THE PROBLEM: Scan each line of the entries below for the word "Saved" and count the ones where it appears. The answer is that number alone.

##### DATASET CONTENT

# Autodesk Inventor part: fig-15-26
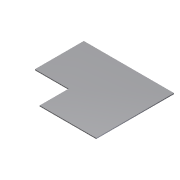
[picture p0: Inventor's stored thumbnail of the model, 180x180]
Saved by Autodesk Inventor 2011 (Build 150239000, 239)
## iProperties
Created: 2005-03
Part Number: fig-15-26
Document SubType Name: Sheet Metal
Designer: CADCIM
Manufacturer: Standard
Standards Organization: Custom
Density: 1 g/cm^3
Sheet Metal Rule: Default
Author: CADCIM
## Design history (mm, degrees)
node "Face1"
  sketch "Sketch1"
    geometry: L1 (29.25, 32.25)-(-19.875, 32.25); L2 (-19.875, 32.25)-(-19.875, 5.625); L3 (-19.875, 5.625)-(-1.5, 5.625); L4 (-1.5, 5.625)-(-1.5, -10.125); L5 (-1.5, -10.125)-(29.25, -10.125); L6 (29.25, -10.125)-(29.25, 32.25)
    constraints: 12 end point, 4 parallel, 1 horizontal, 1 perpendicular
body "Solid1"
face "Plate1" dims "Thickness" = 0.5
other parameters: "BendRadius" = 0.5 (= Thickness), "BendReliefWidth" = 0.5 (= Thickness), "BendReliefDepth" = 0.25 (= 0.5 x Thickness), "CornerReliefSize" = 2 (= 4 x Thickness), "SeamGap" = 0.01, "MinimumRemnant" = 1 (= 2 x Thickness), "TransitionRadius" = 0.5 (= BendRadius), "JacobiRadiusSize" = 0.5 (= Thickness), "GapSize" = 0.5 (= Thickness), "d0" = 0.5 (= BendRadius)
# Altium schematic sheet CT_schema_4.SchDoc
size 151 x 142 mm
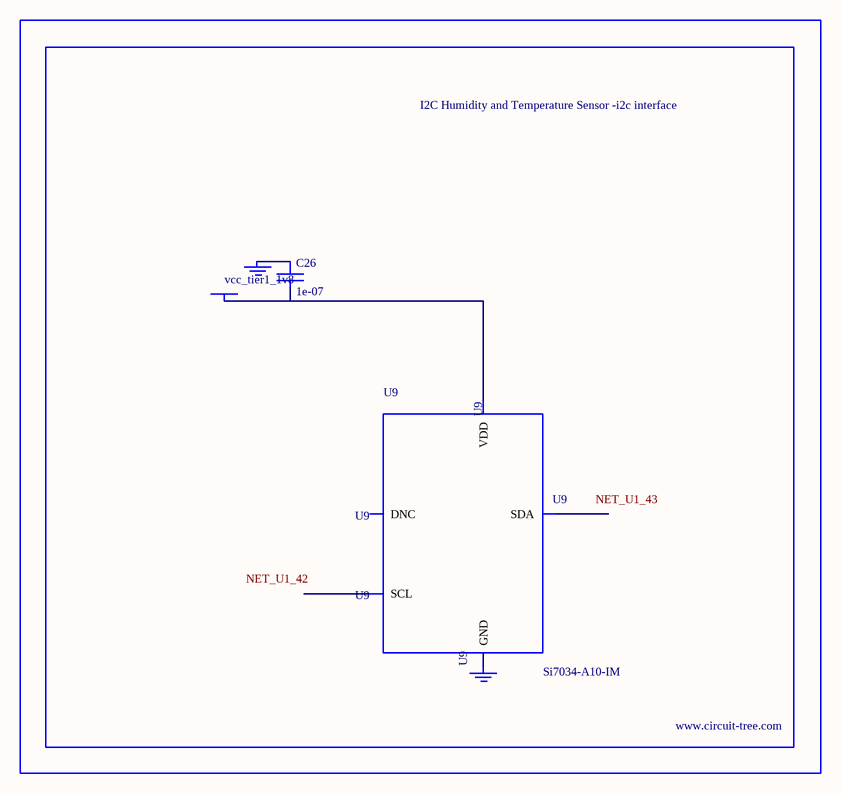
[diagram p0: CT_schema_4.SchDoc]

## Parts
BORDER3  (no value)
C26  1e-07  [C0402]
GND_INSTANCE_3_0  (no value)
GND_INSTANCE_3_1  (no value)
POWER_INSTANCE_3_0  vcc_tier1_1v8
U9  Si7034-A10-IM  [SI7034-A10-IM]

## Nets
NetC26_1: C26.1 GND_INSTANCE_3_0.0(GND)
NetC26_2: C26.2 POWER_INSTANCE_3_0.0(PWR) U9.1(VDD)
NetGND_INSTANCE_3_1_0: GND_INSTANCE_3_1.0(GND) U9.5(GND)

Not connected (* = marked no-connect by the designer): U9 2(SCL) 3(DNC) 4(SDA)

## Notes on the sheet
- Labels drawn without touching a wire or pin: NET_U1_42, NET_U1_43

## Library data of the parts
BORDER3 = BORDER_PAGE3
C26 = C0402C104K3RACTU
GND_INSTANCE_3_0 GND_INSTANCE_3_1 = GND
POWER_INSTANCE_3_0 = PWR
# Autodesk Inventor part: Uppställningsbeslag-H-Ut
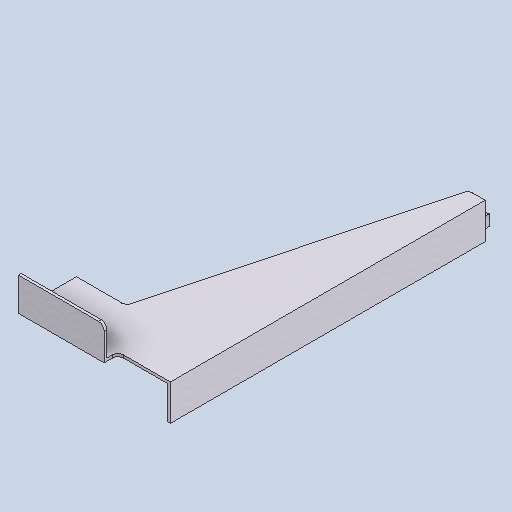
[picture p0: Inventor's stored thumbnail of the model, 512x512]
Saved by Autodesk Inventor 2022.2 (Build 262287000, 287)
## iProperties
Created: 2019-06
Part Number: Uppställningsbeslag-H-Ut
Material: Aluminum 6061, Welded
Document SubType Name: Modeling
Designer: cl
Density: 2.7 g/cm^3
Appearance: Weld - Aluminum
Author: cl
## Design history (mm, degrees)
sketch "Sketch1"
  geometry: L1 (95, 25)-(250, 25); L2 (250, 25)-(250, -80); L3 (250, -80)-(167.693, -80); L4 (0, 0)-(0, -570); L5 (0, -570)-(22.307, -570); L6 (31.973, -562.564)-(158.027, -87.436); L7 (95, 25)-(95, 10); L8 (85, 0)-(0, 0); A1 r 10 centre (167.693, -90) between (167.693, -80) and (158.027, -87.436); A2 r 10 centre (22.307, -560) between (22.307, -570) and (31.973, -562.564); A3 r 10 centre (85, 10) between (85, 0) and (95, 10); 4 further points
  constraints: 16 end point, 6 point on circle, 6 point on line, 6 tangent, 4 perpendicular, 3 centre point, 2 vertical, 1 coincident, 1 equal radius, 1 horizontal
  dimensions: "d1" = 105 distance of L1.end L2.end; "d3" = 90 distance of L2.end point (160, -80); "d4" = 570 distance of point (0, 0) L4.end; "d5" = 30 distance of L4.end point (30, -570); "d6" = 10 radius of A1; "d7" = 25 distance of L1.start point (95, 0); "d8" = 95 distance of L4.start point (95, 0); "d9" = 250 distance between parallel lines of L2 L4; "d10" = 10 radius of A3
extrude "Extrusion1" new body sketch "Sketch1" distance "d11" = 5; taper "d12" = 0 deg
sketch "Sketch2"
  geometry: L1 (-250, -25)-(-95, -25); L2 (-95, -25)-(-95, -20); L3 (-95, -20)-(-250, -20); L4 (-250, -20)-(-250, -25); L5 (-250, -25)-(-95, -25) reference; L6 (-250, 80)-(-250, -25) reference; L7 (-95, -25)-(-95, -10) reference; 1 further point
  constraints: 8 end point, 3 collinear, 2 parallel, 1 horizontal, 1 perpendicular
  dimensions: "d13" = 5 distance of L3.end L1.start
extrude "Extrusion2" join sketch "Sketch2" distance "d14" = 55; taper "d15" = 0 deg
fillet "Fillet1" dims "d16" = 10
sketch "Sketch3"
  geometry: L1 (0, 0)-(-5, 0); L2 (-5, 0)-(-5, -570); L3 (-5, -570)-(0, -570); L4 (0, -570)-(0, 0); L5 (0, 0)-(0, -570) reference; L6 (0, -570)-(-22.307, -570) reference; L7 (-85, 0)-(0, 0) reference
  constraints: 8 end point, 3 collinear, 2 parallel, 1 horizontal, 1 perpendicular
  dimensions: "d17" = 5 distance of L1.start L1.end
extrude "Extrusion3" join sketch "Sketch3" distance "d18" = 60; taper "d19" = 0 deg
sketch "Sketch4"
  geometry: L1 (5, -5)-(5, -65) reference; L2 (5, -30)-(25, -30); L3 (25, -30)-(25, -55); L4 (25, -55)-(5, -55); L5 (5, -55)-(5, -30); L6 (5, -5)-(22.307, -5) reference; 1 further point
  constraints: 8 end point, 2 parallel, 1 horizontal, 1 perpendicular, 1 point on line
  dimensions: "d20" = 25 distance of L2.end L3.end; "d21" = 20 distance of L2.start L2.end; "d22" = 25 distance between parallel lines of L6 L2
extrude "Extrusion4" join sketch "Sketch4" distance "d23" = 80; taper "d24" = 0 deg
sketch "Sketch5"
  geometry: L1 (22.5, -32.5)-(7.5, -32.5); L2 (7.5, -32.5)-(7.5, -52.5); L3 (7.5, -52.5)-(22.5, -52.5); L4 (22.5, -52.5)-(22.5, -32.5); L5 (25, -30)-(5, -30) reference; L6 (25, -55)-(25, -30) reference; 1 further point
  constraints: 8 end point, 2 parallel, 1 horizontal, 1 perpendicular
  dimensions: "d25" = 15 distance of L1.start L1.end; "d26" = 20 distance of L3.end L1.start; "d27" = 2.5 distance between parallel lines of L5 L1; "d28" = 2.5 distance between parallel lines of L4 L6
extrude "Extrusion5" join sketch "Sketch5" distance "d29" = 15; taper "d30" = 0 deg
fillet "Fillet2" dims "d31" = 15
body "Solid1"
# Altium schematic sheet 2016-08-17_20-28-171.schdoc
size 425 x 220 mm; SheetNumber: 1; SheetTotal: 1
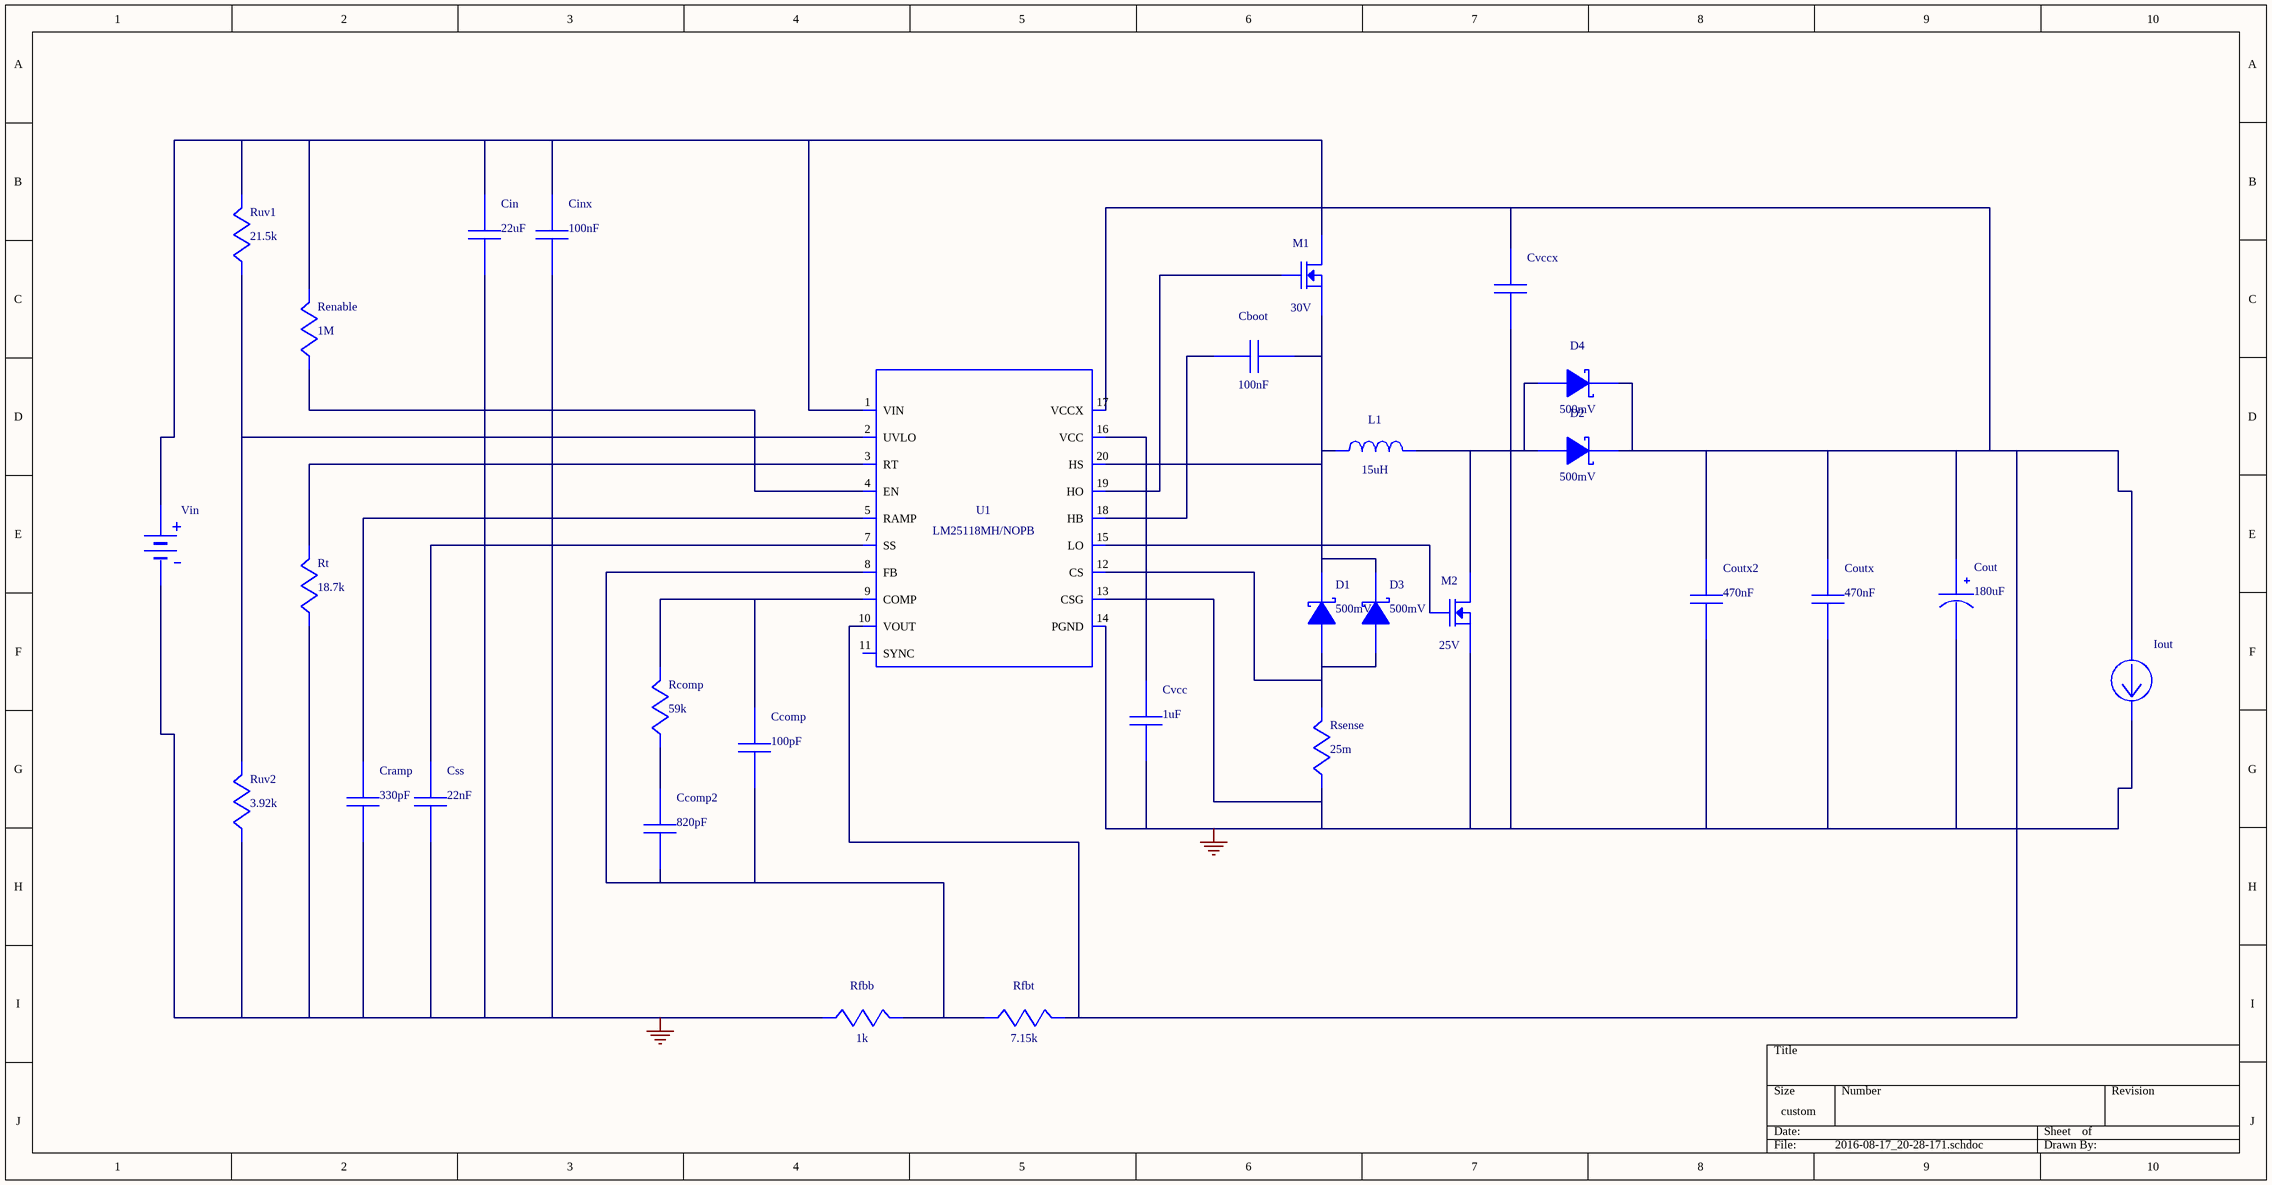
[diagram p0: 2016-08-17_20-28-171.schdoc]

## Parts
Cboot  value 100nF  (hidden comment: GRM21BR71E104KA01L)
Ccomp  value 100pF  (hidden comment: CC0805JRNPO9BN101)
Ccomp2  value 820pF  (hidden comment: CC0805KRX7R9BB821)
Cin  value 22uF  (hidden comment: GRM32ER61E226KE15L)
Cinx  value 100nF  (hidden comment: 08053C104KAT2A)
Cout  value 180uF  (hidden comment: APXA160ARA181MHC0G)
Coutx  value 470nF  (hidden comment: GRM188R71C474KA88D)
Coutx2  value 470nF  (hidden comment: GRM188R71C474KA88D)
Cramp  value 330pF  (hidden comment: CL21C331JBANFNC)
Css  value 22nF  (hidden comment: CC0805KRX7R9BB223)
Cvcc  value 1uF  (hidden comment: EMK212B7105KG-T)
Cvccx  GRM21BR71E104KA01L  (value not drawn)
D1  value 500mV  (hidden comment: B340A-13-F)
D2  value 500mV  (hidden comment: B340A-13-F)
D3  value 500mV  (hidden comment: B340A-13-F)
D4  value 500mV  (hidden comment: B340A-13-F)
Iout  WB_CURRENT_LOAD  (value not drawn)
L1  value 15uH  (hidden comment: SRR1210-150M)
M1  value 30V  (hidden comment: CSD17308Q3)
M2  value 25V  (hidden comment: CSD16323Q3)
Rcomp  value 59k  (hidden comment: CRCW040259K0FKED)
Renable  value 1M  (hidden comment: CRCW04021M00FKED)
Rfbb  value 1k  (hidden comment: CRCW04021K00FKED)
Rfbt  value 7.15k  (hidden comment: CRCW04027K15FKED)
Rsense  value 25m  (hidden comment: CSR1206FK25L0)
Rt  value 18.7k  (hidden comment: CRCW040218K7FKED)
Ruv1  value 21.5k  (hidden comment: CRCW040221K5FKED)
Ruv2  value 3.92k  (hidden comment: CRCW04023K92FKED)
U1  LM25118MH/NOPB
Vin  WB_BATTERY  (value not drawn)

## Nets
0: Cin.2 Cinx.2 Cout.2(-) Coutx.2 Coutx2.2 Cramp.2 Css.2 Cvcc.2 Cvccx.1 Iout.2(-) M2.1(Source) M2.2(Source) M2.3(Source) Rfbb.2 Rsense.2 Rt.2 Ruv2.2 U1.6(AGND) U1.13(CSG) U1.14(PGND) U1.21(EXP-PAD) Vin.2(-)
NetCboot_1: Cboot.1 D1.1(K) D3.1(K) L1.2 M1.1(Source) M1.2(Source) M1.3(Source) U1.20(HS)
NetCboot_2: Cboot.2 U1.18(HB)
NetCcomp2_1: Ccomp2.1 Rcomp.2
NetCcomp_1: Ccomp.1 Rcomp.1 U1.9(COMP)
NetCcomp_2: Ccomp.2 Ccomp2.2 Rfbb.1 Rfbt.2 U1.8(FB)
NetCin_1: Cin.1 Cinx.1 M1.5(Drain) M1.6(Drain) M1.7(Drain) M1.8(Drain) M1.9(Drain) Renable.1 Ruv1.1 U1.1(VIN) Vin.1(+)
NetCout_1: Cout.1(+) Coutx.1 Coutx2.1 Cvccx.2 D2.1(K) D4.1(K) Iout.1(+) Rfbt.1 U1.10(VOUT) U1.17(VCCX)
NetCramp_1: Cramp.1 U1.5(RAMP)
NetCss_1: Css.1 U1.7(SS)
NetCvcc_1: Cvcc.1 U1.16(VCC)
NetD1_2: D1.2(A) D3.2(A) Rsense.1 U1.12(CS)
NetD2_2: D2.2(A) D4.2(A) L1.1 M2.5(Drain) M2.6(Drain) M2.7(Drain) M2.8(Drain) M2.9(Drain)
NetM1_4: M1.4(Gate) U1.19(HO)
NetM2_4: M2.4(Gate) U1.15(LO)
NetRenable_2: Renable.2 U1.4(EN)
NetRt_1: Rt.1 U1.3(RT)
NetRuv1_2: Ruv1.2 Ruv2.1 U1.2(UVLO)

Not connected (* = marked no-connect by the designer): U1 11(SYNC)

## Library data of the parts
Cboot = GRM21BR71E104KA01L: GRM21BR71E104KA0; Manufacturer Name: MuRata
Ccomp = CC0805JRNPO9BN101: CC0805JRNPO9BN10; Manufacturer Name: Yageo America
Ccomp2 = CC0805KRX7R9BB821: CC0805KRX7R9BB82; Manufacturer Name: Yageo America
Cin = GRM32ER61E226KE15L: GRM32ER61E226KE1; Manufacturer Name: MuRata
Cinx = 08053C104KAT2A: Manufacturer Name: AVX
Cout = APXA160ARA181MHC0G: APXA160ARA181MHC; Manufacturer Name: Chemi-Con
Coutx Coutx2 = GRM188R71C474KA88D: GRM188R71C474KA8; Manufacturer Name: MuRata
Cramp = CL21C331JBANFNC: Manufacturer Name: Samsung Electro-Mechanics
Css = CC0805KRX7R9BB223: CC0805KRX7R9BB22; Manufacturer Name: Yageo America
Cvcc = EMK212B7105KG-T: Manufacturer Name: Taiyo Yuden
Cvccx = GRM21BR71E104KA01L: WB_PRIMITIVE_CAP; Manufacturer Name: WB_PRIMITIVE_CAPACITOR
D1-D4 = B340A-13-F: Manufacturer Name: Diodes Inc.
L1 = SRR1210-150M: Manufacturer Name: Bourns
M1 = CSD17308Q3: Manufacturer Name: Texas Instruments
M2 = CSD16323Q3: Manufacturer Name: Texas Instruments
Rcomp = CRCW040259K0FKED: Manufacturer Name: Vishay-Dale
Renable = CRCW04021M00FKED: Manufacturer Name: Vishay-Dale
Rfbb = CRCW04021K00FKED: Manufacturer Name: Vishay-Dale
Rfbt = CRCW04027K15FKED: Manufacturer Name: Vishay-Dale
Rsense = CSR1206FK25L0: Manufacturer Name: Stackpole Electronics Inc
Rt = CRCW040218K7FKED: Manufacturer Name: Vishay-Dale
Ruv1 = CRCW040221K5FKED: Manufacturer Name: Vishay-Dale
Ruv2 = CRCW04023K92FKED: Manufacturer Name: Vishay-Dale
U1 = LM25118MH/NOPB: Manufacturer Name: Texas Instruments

##########

YOUR SOLUTION: 2